真是发疯了。他去揽住司马昭的腰背,相拥的时候胸膛贴在一起,如同心也会贴一起一样。这令他大笑。

“好啊,那就随便你吧!”

跟痴人一样的允准。司马昭想,你还不知道会发生什么,哥哥,你该要后悔的。弓不拿在你手里猎物就不会是你的东西,那明明是你亲自教我的东西。

他用手挡住司马师的眼睛,几乎情急地将他压在自己身前,你他妈根本什么都不懂,你觉得我是——我是夜里要找一个伴儿吗?他去咬司马师的脖子,去感受脉搏的跳动和体温,如果咬破里面会不会淌出金色的血?还是“面前的这个”根本就是骗人的精怪。司马昭看到自己的手在抖,又将手从司马师眼前挪开——司马师闭着眼睛。闭着眼睛的司马师将手探进他本就敞开的领子里,前胸的肌肉因为放松而柔软,按在上面的触感几乎好得过分,明明只是一只手,司马昭却感觉像是一块火炭停留在皮肤上。会烧透皮肉,融化灵魂,他的内在无论在司马师的手中还是眼中都无法遁形。

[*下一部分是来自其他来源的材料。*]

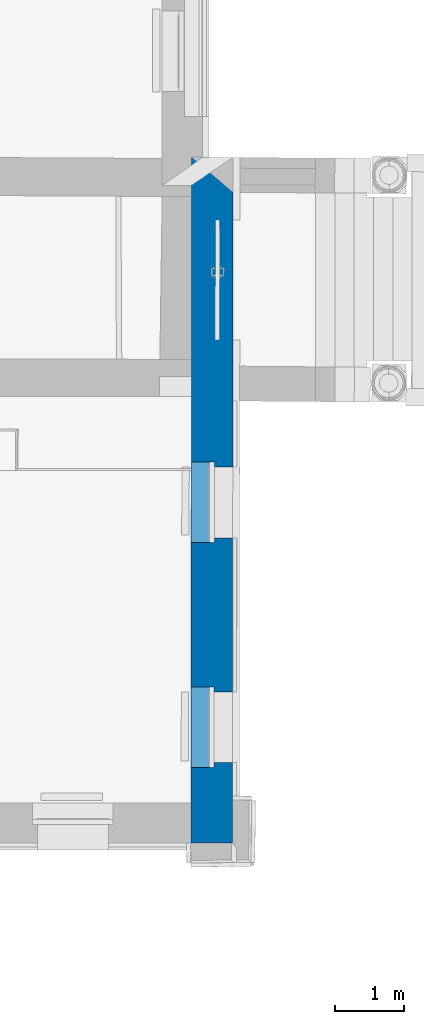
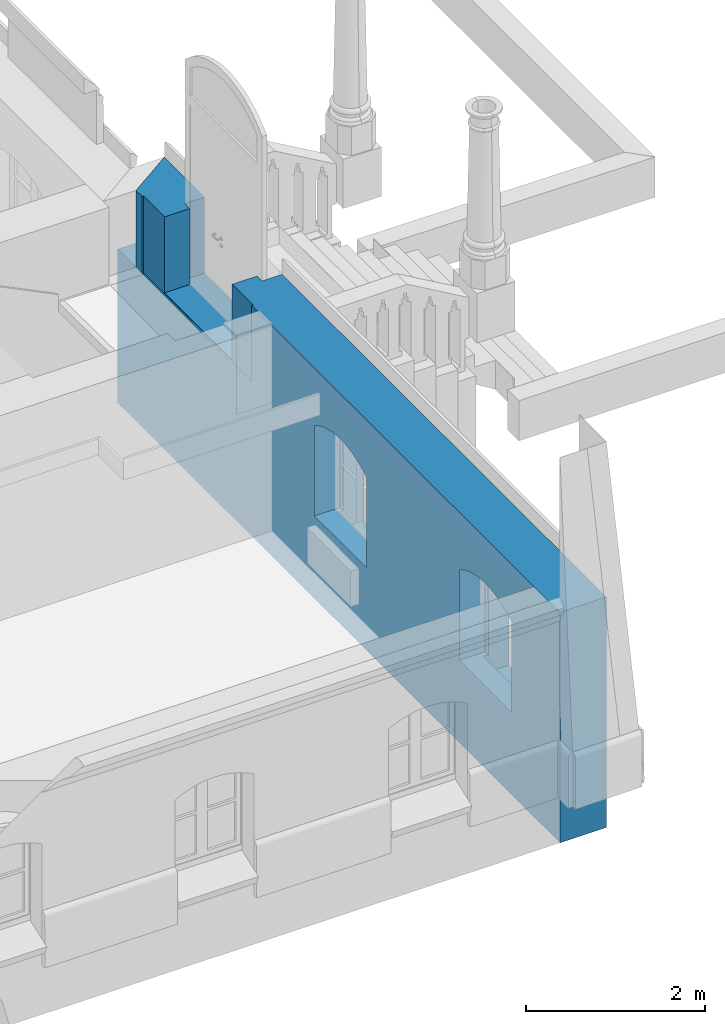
# One storey, part 68 of 196: 1 wall, 3 openings.
"""IFC2X3 building model written with IfcOpenShell, lengths in metres."""

from ifc_helpers import new_model, entity, si_unit, converted_unit, derived_unit, money_unit, direction, frame, origin_with_axes, origin_2d_with_axis, place, context, subcontext, project, spatial, polyline, rectangle, outline, extrude, boolean, faceted_brep, material, type_object, element, save


model = new_model("IFC2X3")

# Units and contexts
model_context = context("Model", 3, precision=1e-05, world=origin_with_axes(), true_north=direction((0.0, 1.0)))
body_context = subcontext(model_context, "Body", "Model", "MODEL_VIEW")
ifc_project = project(units=[si_unit("LENGTHUNIT", "METRE"), si_unit("AREAUNIT", "SQUARE_METRE"), si_unit("VOLUMEUNIT", "CUBIC_METRE"), converted_unit("PLANEANGLEUNIT", "DEGREE", entity("IfcPlaneAngleMeasure", 0.0174532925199), si_unit("PLANEANGLEUNIT", "RADIAN"), dimensions=[0, 0, 0, 0, 0, 0, 0]), money_unit("EUR"), converted_unit("TIMEUNIT", "Year", entity("IfcTimeMeasure", 31556926.0), si_unit("TIMEUNIT", "SECOND"), dimensions=[0, 0, 1, 0, 0, 0, 0]), si_unit("MASSUNIT", "GRAM", prefix="KILO"), si_unit("THERMODYNAMICTEMPERATUREUNIT", "DEGREE_CELSIUS"), si_unit("LUMINOUSINTENSITYUNIT", "LUMEN"), si_unit("ENERGYUNIT", "JOULE", prefix="MEGA"), derived_unit("THERMALCONDUCTANCEUNIT", [(si_unit("POWERUNIT", "WATT"), 1), (si_unit("LENGTHUNIT", "METRE"), -1), (si_unit("THERMODYNAMICTEMPERATUREUNIT", "KELVIN"), -1)]), derived_unit("SPECIFICHEATCAPACITYUNIT", [(si_unit("ENERGYUNIT", "JOULE"), 1), (si_unit("MASSUNIT", "GRAM", prefix="KILO"), -1), (si_unit("THERMODYNAMICTEMPERATUREUNIT", "KELVIN"), -1)]), derived_unit("MASSDENSITYUNIT", [(si_unit("MASSUNIT", "GRAM", prefix="KILO"), 1), (si_unit("VOLUMEUNIT", "CUBIC_METRE"), -1)])], contexts=[model_context])

# Site, building, storey
site_placement = place(None, origin_with_axes())
site = spatial("IfcSite", under=ifc_project, at=site_placement, Name="Gelände", CompositionType="ELEMENT")
building_placement = place(site_placement, origin_with_axes())
building = spatial("IfcBuilding", under=site, at=building_placement, Name="Gebäude", CompositionType="ELEMENT")
storey_placement = place(building_placement, frame((0.0, 0.0, -3.0), z_axis=(0.0, 0.0, 1.0), x_axis=(1.0, 0.0, 0.0)))
storey = spatial("IfcBuildingStorey", under=building, at=storey_placement, Name="KELLERGESCHOSS", CompositionType="ELEMENT", Elevation=-3.0)

# Wall, openings
ifc_material = material(Name="05_ALLGEMEIN - TRAGENDE BAUTEILE")
wall_type = type_object("IfcWallType", Name="05_ALLGEMEIN - TRAGENDE BAUTEILE 600", PredefinedType="ELEMENTEDWALL")
wall_placement = place(storey_placement, frame((32.1131897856, 9.89165640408, -0.36), z_axis=(0.0, 0.0, 1.0), x_axis=(0.000762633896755, 0.999999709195, 0.0)))
wall = element("IfcWall", 1, at=wall_placement, inside=storey, type_object=wall_type, material=ifc_material, Name="Wand-037", ObjectType="ELEMENTEDWALL", context=body_context, shape_type="CSG", body=[
    boolean("DIFFERENCE", boolean("DIFFERENCE", boolean("DIFFERENCE", boolean("DIFFERENCE", boolean("DIFFERENCE", extrude(outline(polyline([(-0.000619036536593, 0.0), (9.91634916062, 0.0), (9.91634916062, 0.6), (-0.000619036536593, 0.6), (-0.000619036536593, 0.0)])), origin_with_axes(), (0.0, 0.0, 1.0), 3.15), faceted_brep([(6.45237469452, 0.599999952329, 2.1), (6.74236427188, 0.599996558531, 2.1), (6.74326404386, 0.6, 2.1), (6.74326400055, 0.599887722, 2.1), (6.45237469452, 0.599999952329, 3.15), (6.74326404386, 0.6, 3.15), (6.74326400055, 0.599887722, 3.15)], [[[0, 1, 2, 3]], [[0, 4, 5, 2, 1]], [[2, 5, 6, 3]], [[4, 0, 3, 6]], [[4, 6, 5]]])), faceted_brep([(6.74326404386, 0.6, 2.1), (6.74326404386, 0.6, 3.15), (9.36962464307, 0.6, 3.15), (9.36962464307, 0.6, 2.2), (9.36962464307, 0.6, 2.1), (6.91132902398, 0.599822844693, 2.1), (6.91132904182, 0.599822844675, 2.2), (6.91132904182, 0.599822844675, 3.15), (6.91130866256, 0.579999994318, 3.15), (9.36947163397, 0.579999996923, 3.15), (9.36947163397, 0.579999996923, 2.2), (9.36947163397, 0.579999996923, 2.1), (6.91130866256, 0.579999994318, 2.1), (6.91130866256, 0.579999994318, 2.2)], [[[0, 1, 2, 3, 4]], [[0, 5, 6, 7, 1]], [[1, 7, 8, 9, 2]], [[3, 2, 9, 10]], [[11, 4, 3, 10]], [[5, 0, 4, 11, 12]], [[6, 5, 12, 13]], [[7, 6, 13, 8]], [[8, 13, 12, 11, 10, 9]]])), faceted_brep([(-0.000619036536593, 0.0, 0.0), (-0.000619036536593, 0.6, 0.0), (0.0, 0.0, 0.0), (-0.000619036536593, 0.6, 3.15), (-0.000619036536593, 0.0, 3.15), (0.0, 0.0, 3.15)], [[[0, 1, 2]], [[3, 1, 0, 4]], [[1, 3, 5, 2]], [[4, 0, 2, 5]], [[3, 4, 5]]])), faceted_brep([(6.44721657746, 0.00172856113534, 3.14495957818), (6.44721657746, 0.00172856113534, 3.04495556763), (6.44720163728, 0.0, 3.04497104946), (6.44720163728, 0.0, 3.14497506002), (6.64720910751, 0.0, 3.14495957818), (6.64720910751, 0.0, 3.04495556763)], [[[0, 1, 2, 3]], [[1, 0, 4, 5]], [[2, 1, 5]], [[3, 2, 5, 4]], [[0, 3, 4]]])), faceted_brep([(9.50895716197, 0.6, 2.1), (9.50895716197, 0.6, 3.15), (9.91634916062, 0.6, 3.15), (9.91634916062, 0.6, 2.1), (9.90896463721, 0.6, 2.1), (9.91263281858, 0.0, 2.1), (9.91263281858, 0.0, 3.15), (9.91634916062, 0.0, 3.15), (9.91634916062, 0.6, 0.0), (9.91634916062, 0.0, 0.0), (9.91263281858, 0.0, 0.0)], [[[0, 1, 2, 3, 4]], [[1, 0, 5, 6]], [[1, 6, 7, 2]], [[8, 3, 2, 7, 9]], [[0, 4, 3, 5]], [[5, 10, 9, 7, 6]], [[3, 8, 10, 5]], [[8, 9, 10]]])),
])
opening_1_placement = place(wall_placement, frame((1.67204689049, 0.0, 1.12816901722), z_axis=(0.0, 0.0, 1.0), x_axis=(1.0, 0.0, 0.0)))
element("IfcOpeningElement", 2, at=opening_1_placement, cuts=wall, Name="Fenster-015", context=body_context, shape_type="SweptSolid", body=[
    extrude(outline(polyline([(0.581905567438, 0.0), (0.581905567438, 1.24), (0.492757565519, 1.28983700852), (0.399379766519, 1.33120946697), (0.302573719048, 1.36376223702), (0.203170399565, 1.38721588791), (0.102023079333, 1.40136909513), (0.0, 1.40610036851), (-0.102023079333, 1.40136909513), (-0.203170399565, 1.38721588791), (-0.302573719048, 1.36376223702), (-0.399379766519, 1.33120946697), (-0.492757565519, 1.28983700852), (-0.581905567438, 1.24), (-0.581905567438, 0.0), (0.581905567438, 0.0)])), frame((0.0, 0.266646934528, 0.0), z_axis=(0.0, -1.0, 0.0), x_axis=(1.0, 0.0, 0.0)), (0.0, 0.0, -1.0), 0.933353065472),
    extrude(outline(polyline([(-0.511905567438, 0.0), (-0.511905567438, -1.20024398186), (-0.416293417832, -1.24844467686), (-0.316202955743, -1.28648267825), (-0.212710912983, -1.31394878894), (-0.106930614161, -1.33054753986), (0.0, -1.33610036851), (0.106930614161, -1.33054753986), (0.212710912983, -1.31394878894), (0.316202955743, -1.28648267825), (0.416293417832, -1.24844467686), (0.511905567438, -1.20024398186), (0.511905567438, 0.0), (-0.511905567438, 0.0)])), frame((0.0, 0.266646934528, 0.0), z_axis=(0.0, 1.0, 0.0), x_axis=(1.0, 0.0, 0.0)), (0.0, 0.0, -1.0), 0.866646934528),
    extrude(rectangle(XDim=1.02381113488, YDim=0.232032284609, at=origin_2d_with_axis()), frame((0.0, 0.327689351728, -0.116016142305), z_axis=(0.0, 1.0, 0.0), x_axis=(1.0, 0.0, 0.0)), (0.0, 0.0, -1.0), 0.661042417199),
])
opening_2_placement = place(wall_placement, frame((4.92333946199, 0.0, 1.12816901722), z_axis=(0.0, 0.0, 1.0), x_axis=(1.0, 0.0, 0.0)))
element("IfcOpeningElement", 3, at=opening_2_placement, cuts=wall, Name="Fenster-015", context=body_context, shape_type="SweptSolid", body=[
    extrude(outline(polyline([(0.581905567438, 0.0), (0.581905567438, 1.24), (0.492757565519, 1.28983700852), (0.399379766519, 1.33120946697), (0.302573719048, 1.36376223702), (0.203170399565, 1.38721588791), (0.102023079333, 1.40136909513), (0.0, 1.40610036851), (-0.102023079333, 1.40136909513), (-0.203170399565, 1.38721588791), (-0.302573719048, 1.36376223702), (-0.399379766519, 1.33120946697), (-0.492757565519, 1.28983700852), (-0.581905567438, 1.24), (-0.581905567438, 0.0), (0.581905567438, 0.0)])), frame((0.0, 0.266646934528, 0.0), z_axis=(0.0, -1.0, 0.0), x_axis=(1.0, 0.0, 0.0)), (0.0, 0.0, -1.0), 0.933353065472),
    extrude(outline(polyline([(-0.511905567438, 0.0), (-0.511905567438, -1.20024398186), (-0.416293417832, -1.24844467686), (-0.316202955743, -1.28648267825), (-0.212710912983, -1.31394878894), (-0.106930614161, -1.33054753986), (0.0, -1.33610036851), (0.106930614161, -1.33054753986), (0.212710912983, -1.31394878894), (0.316202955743, -1.28648267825), (0.416293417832, -1.24844467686), (0.511905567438, -1.20024398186), (0.511905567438, 0.0), (-0.511905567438, 0.0)])), frame((0.0, 0.266646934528, 0.0), z_axis=(0.0, 1.0, 0.0), x_axis=(1.0, 0.0, 0.0)), (0.0, 0.0, -1.0), 0.866646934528),
    extrude(rectangle(XDim=1.02381113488, YDim=0.232032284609, at=origin_2d_with_axis()), frame((0.0, 0.327689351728, -0.116016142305), z_axis=(0.0, 1.0, 0.0), x_axis=(1.0, 0.0, 0.0)), (0.0, 0.0, -1.0), 0.661042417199),
])
opening_3_placement = place(wall_placement, frame((8.1417537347, 0.0, 2.11244366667), z_axis=(0.0, 0.0, 1.0), x_axis=(1.0, 0.0, 0.0)))
element("IfcOpeningElement", 4, at=opening_3_placement, cuts=wall, Name="Tür-022", context=body_context, shape_type="SweptSolid", body=[
    extrude(outline(polyline([(-0.758161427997, 0.0), (-0.758161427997, -2.96317339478), (-0.678452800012, -3.03015185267), (-0.592858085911, -3.08942346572), (-0.502119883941, -3.14047400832), (-0.407025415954, -3.18286057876), (-0.308399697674, -3.21621544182), (-0.207098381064, -3.24024921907), (-0.104000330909, -3.25475339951), (0.0, -3.2596021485), (0.104000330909, -3.25475339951), (0.207098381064, -3.24024921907), (0.308399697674, -3.21621544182), (0.407025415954, -3.18286057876), (0.502119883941, -3.14047400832), (0.592858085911, -3.08942346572), (0.678452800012, -3.03015185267), (0.758161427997, -2.96317339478), (0.758161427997, 0.0), (-0.758161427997, 0.0)])), frame((0.0, 0.255356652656, 0.0), z_axis=(0.0, 1.0, 0.0), x_axis=(1.0, 0.0, 0.0)), (0.0, 0.0, 1.0), 0.944643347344),
    extrude(outline(polyline([(0.868161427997, 0.0), (0.868161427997, 3.01), (0.778886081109, 3.09091383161), (0.682109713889, 3.1626875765), (0.578764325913, 3.2246300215), (0.469845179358, 3.27614463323), (0.356401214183, 3.31673530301), (0.239524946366, 3.34601112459), (0.120341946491, 3.36369015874), (0.0, 3.3696021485), (-0.120341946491, 3.36369015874), (-0.239524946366, 3.34601112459), (-0.356401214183, 3.31673530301), (-0.469845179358, 3.27614463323), (-0.578764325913, 3.2246300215), (-0.682109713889, 3.1626875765), (-0.778886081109, 3.09091383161), (-0.868161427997, 3.01), (-0.868161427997, 0.0), (0.868161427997, 0.0)])), frame((0.0, 0.195356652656, 0.0), z_axis=(0.0, -1.0, 0.0), x_axis=(1.0, 0.0, 0.0)), (0.0, 0.0, 1.0), 0.795356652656),
    extrude(outline(polyline([(0.868161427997, 0.0), (0.868161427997, 3.01), (0.778886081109, 3.09091383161), (0.682109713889, 3.1626875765), (0.578764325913, 3.2246300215), (0.469845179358, 3.27614463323), (0.356401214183, 3.31673530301), (0.239524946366, 3.34601112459), (0.120341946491, 3.36369015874), (0.0, 3.3696021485), (-0.120341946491, 3.36369015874), (-0.239524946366, 3.34601112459), (-0.356401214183, 3.31673530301), (-0.469845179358, 3.27614463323), (-0.578764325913, 3.2246300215), (-0.682109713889, 3.1626875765), (-0.778886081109, 3.09091383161), (-0.868161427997, 3.01), (-0.868161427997, 0.0), (0.868161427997, 0.0)])), frame((0.0, 0.195356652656, 0.0), z_axis=(0.0, -1.0, 0.0), x_axis=(1.0, 0.0, 0.0)), (0.0, 0.0, -1.0), 0.06),
])

save(model, "model.ifc")

咚咚,掌心往下四寸的地方他兄弟的心脏在跳动,跳得很快。他的心也跳得好快,现在再问做什么有点太晚。他睁开眼看到司马昭的眼神像狼一样凌厉,又像一条湿漉漉的狗,压在他身前的人无疑是一只野兽。司马师很满意,去吻兄弟的下巴。

真是……真是很好的眼神。很好很好的眼神。

司马昭按着他的手不让他再动,他像是应对这种场景时脑子就转得很慢,嘴里含糊地说我很想你这样的话。“不是每天都会见到吗?”司马师反问。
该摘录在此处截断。